Retrieving intermediate results (targets)

In drake’s terminology, a pipeline is called plan, and is composed of targets. When a target is finished, its value (object) is saved to cache (the directory .drake by default). The cache has two main purposes:

  • If a target is not changed, its value is loaded from the cache. Change involves e.g. target’s definition (code) or change in upstream targets on which the target depends. This way drake is able to skip computation of finished targets and greatly enhance the runtime. More details here.
  • Users also have access to the cache, and so you can load any finished target into your R session.

Users can access the cache via two drake’s functions:

  • drake::loadd() loads target’s value to the current session as a variable of the same name.
  • drake::readd() returns target’s value (so it can be assigned to variable).

Let’s try it and load the filtered SingleCellExperiment object:

drake::loadd(sce_final_input_qc)

Value of the target sce_final_input_qc was loaded as a variable of the same name to your current R session (or more precisely, to the global environment).

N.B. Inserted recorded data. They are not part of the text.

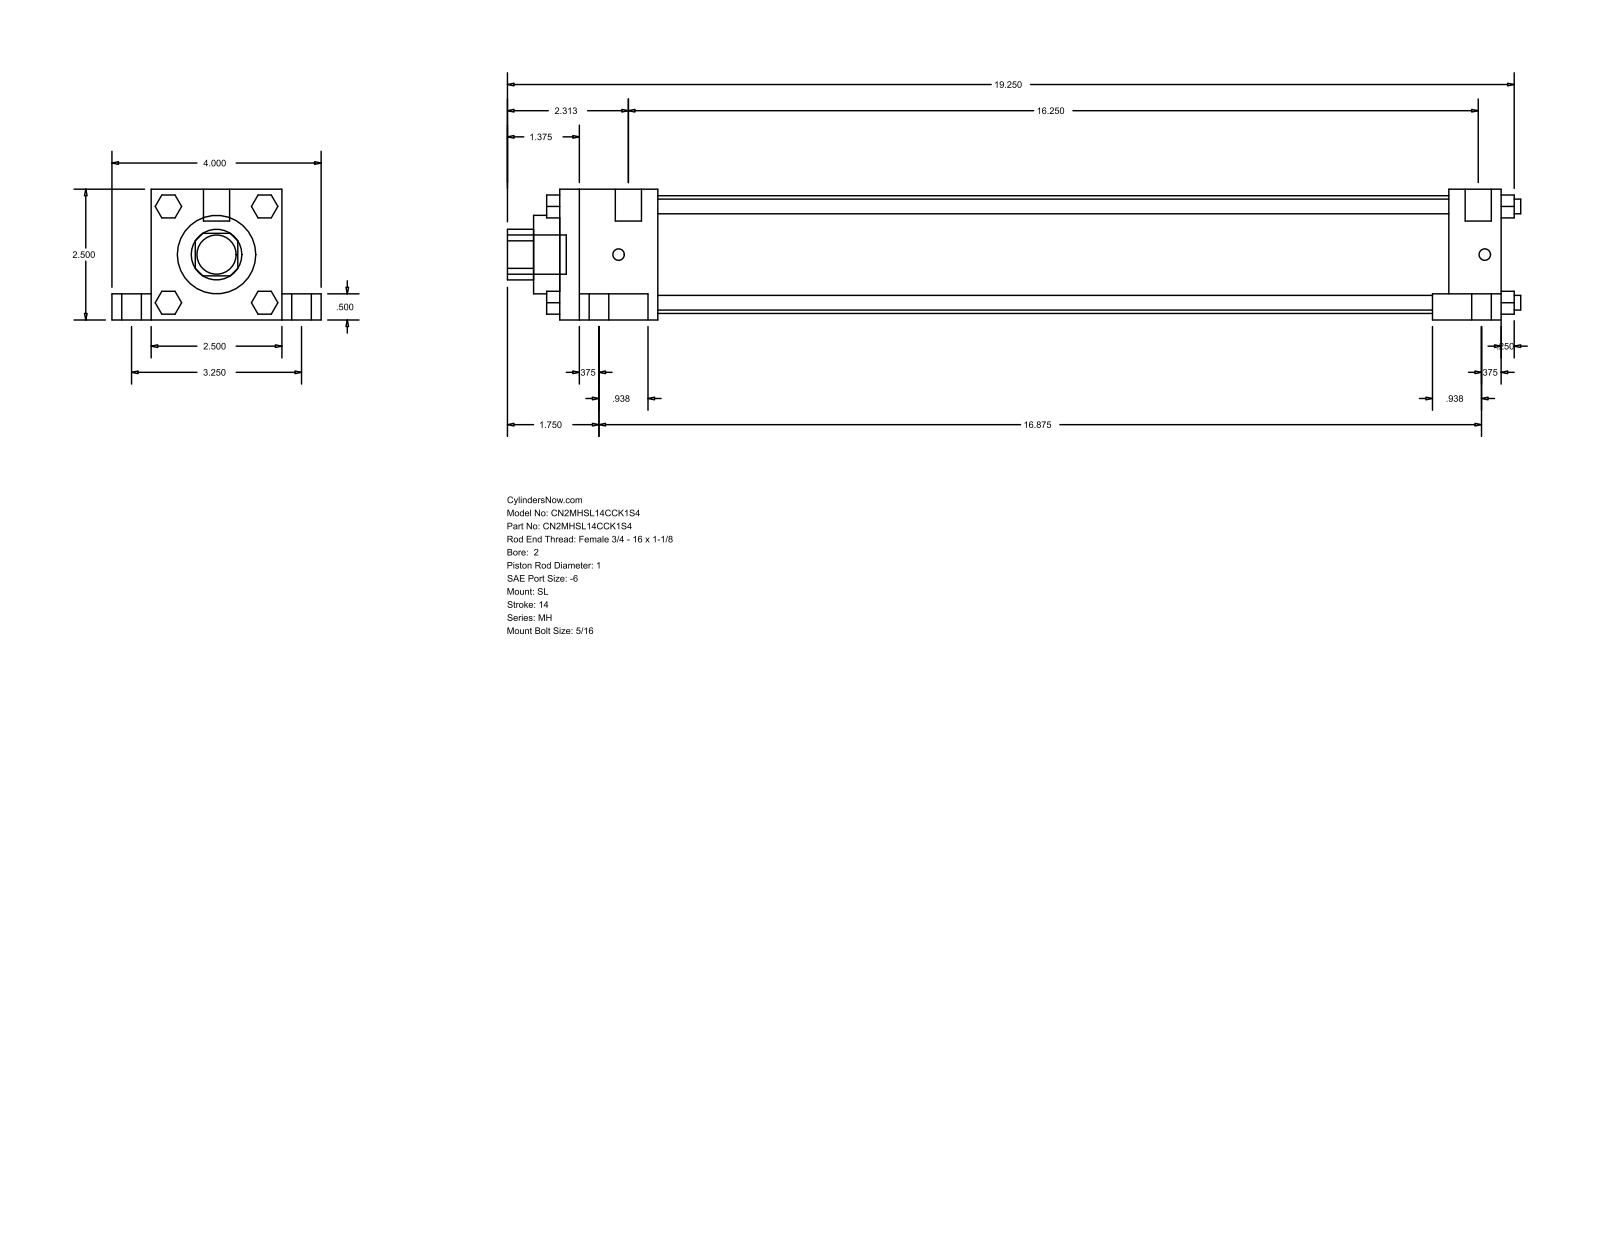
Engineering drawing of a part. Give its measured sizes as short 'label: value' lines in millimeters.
name: MH_SL__0200_1
written by: GSSL Pune (CONFIG_CONTROL_DESIGN)
unit: mm
bodies: 0 solids, 148 faces (112 planar, 36 cylindrical, 0 other)
size: 492.12 × 101.6 × 63.5
holes: 1× ⌀25.4, 1× ⌀38.1, 1× ⌀57.15
bosses: 4× ⌀15.88, 4× ⌀9.53, 4× ⌀7.14, 4× ⌀5.56, 2× ⌀12.7, 1× ⌀19.05
rounds: 1× R12.29
face distances: 63.5, 457.2, 12.7, 19.05, 50.8, 82.55, 9.52, 25.4, 431.8, 47.63
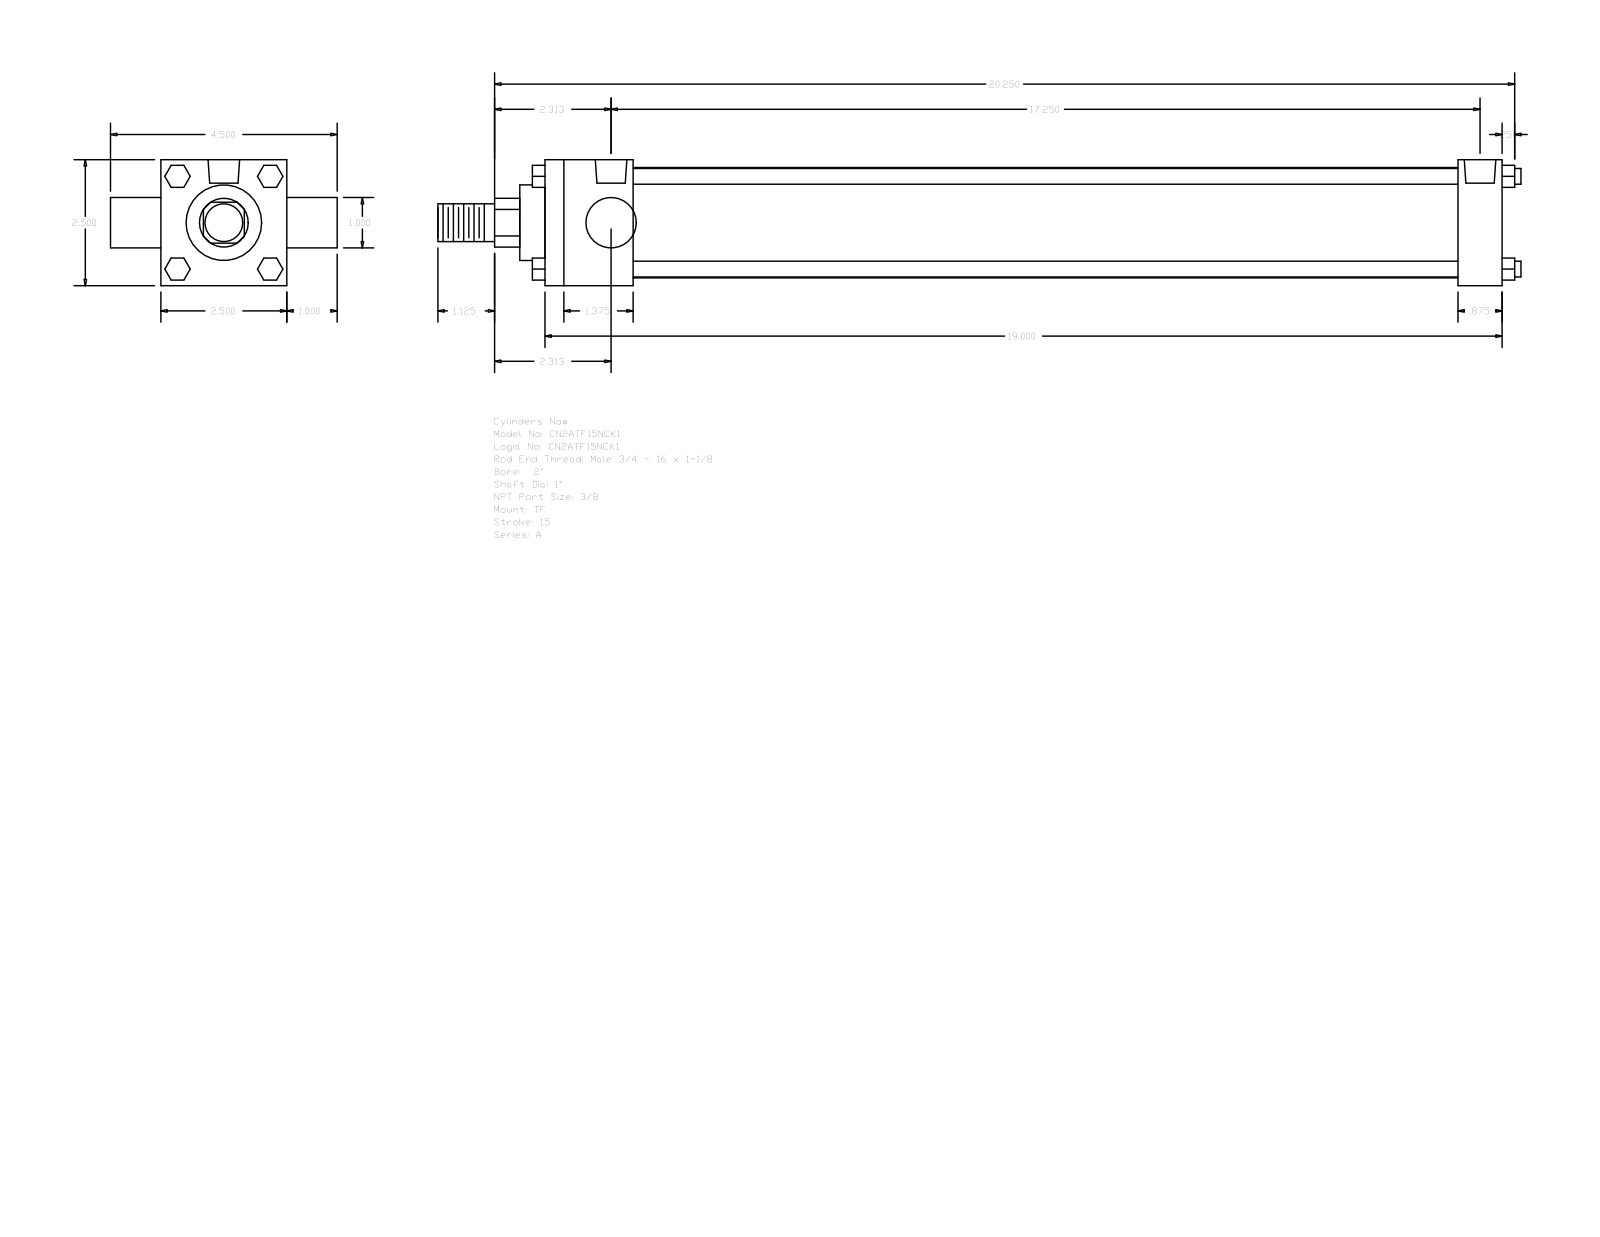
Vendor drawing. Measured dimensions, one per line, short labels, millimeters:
name: A_TF__0200_1
written by: GSSL Pune (CONFIG_CONTROL_DESIGN)
unit: mm
bodies: 0 solids, 120 faces (92 planar, 28 cylindrical, 0 other)
size: 546.1 × 114.3 × 63.5
holes: 3× ⌀5.56, 2× ⌀15.93
bosses: 4× ⌀7.94, 2× ⌀25.4, 1× ⌀55.63, 1× ⌀38.1, 1× ⌀19.05
rounds: 1× R12.29
face distances: 63.5, 482.6, 44.45, 460.37, 415.92, 438.15, 22.23, 25.4, 88.9, 495.3
hole spacings: 1.59, 3.98, 432.58, 434.17, 436.56, 438.15
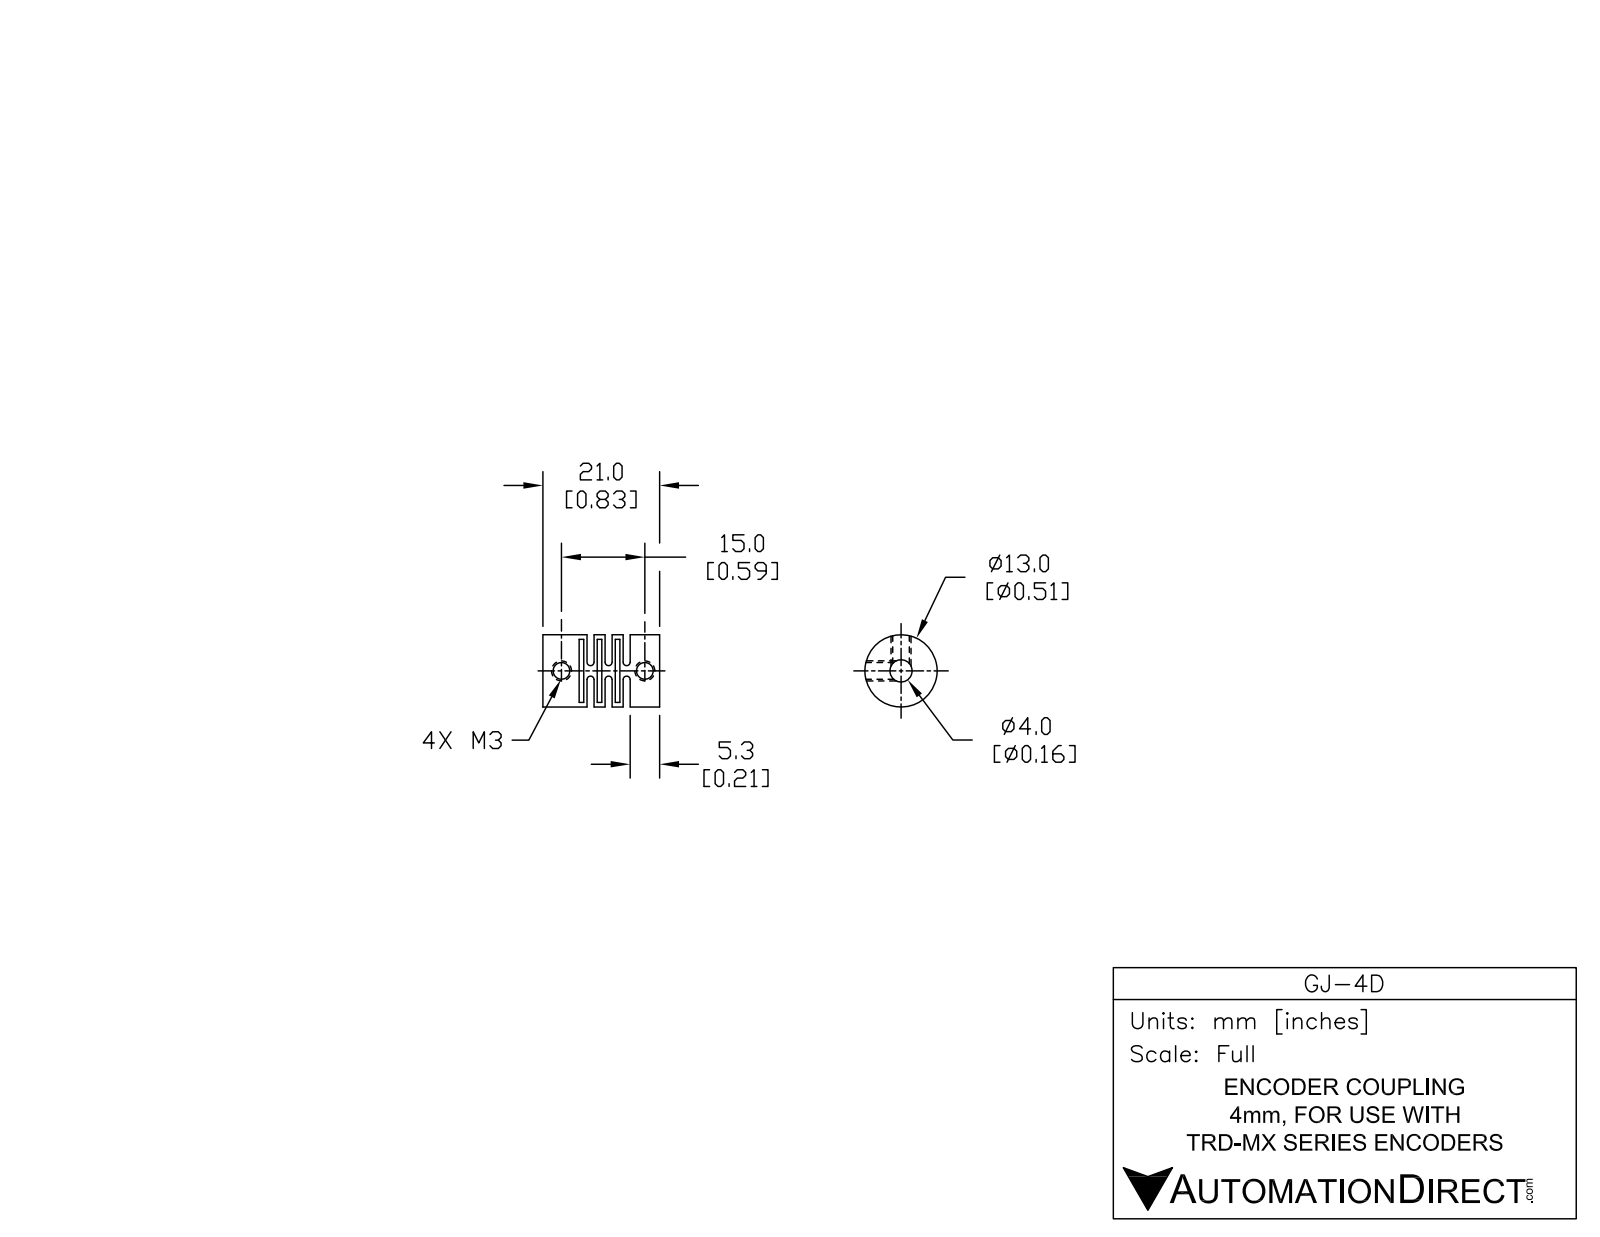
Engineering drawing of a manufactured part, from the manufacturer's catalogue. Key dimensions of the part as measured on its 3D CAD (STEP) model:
Part name (STEP PRODUCT): GJ-4D
STEP written by: SolidWorks 2016 (AUTOMOTIVE_DESIGN)
Units: millimetres
Bodies: 1 solid, 143 faces (94 planar, 19 cylindrical, 30 other)
Overall size (bounding box): 21 × 13 × 13
Volume: 1 964 mm³ · Surface area: 2 376 mm²
Round holes (diameter × count): ⌀2.5 ×4, ⌀4 ×1
Round bosses / shafts (diameter × count): ⌀13 ×1
Partial cylindrical surfaces — rounded edges, fillets, slot ends (radius × count): R1.5 ×2
Main face-to-face distances: 2.3, 1, 4.6, 4.8, 3.3, 7.1, 1.3, 2.5, 5.3, 6.3
Hole centre spacings: 15.4

Similarly, we can load this target to a variable of our choice:

sce <- drake::readd(sce_final_input_qc)

And work further with the loaded object, e.g.

scater::plotExpression(sce, "NOC2L", exprs_values = "counts", swap_rownames = "SYMBOL")

How to dig into scdrake plans?

For a more schematic overview of pipelines and stages see vignette("pipeline_overview"), where are also diagrams.

Advanced users might be interested in looking into source code of scdrake’s plans (files named plans_*.R).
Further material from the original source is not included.